----- Provided information -----
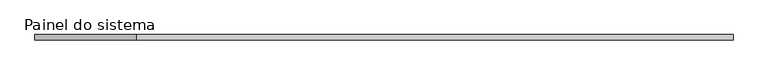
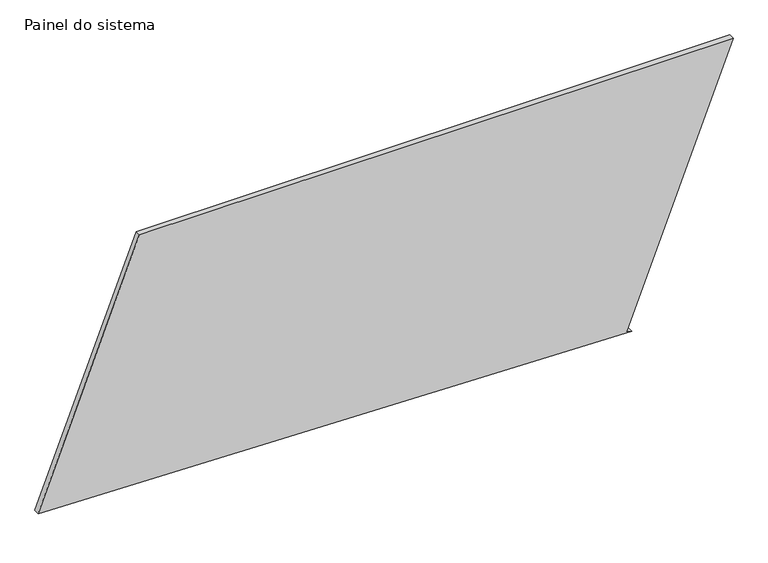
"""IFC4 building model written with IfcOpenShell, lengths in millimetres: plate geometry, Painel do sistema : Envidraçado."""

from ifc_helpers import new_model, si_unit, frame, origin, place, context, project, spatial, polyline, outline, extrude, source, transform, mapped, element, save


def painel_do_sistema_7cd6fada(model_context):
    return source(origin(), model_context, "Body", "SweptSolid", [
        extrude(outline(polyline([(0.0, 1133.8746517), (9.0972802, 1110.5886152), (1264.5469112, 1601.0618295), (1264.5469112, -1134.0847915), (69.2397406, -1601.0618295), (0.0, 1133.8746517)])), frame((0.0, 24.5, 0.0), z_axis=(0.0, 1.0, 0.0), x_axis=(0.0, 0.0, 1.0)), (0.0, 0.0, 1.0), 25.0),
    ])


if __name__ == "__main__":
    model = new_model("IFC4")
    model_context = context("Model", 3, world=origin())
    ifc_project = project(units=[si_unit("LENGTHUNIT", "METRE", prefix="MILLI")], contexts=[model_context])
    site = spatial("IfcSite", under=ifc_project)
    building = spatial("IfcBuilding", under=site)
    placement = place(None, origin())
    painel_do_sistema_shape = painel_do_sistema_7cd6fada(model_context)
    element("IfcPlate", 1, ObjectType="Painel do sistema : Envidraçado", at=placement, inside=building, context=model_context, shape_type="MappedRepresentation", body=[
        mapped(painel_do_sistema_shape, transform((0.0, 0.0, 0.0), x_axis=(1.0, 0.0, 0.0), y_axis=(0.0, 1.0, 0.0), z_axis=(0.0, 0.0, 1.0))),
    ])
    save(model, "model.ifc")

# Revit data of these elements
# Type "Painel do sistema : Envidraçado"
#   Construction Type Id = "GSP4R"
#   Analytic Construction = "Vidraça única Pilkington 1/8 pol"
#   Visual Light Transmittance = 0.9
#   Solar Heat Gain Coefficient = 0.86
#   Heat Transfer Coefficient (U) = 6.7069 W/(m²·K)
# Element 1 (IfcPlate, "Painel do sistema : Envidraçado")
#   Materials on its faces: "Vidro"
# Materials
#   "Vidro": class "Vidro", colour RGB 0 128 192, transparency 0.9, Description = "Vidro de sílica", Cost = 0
-----
Where a record above holds a picture, drop the picture and print the rest exactly.

| Solution to this task |
"""IFC4 building model written with IfcOpenShell, lengths in millimetres: plate geometry, Painel do sistema : Envidraçado."""

from ifc_helpers import new_model, si_unit, frame, origin, place, context, project, spatial, polyline, outline, extrude, source, transform, mapped, element, save


def painel_do_sistema_7cd6fada(model_context):
    return source(origin(), model_context, "Body", "SweptSolid", [
        extrude(outline(polyline([(0.0, 1133.8746517), (9.0972802, 1110.5886152), (1264.5469112, 1601.0618295), (1264.5469112, -1134.0847915), (69.2397406, -1601.0618295), (0.0, 1133.8746517)])), frame((0.0, 24.5, 0.0), z_axis=(0.0, 1.0, 0.0), x_axis=(0.0, 0.0, 1.0)), (0.0, 0.0, 1.0), 25.0),
    ])


if __name__ == "__main__":
    model = new_model("IFC4")
    model_context = context("Model", 3, world=origin())
    ifc_project = project(units=[si_unit("LENGTHUNIT", "METRE", prefix="MILLI")], contexts=[model_context])
    site = spatial("IfcSite", under=ifc_project)
    building = spatial("IfcBuilding", under=site)
    placement = place(None, origin())
    painel_do_sistema_shape = painel_do_sistema_7cd6fada(model_context)
    element("IfcPlate", 1, ObjectType="Painel do sistema : Envidraçado", at=placement, inside=building, context=model_context, shape_type="MappedRepresentation", body=[
        mapped(painel_do_sistema_shape, transform((0.0, 0.0, 0.0), x_axis=(1.0, 0.0, 0.0), y_axis=(0.0, 1.0, 0.0), z_axis=(0.0, 0.0, 1.0))),
    ])
    save(model, "model.ifc")

# Revit data of these elements
# Type "Painel do sistema : Envidraçado"
#   Construction Type Id = "GSP4R"
#   Analytic Construction = "Vidraça única Pilkington 1/8 pol"
#   Visual Light Transmittance = 0.9
#   Solar Heat Gain Coefficient = 0.86
#   Heat Transfer Coefficient (U) = 6.7069 W/(m²·K)
# Element 1 (IfcPlate, "Painel do sistema : Envidraçado")
#   Materials on its faces: "Vidro"
# Materials
#   "Vidro": class "Vidro", colour RGB 0 128 192, transparency 0.9, Description = "Vidro de sílica", Cost = 0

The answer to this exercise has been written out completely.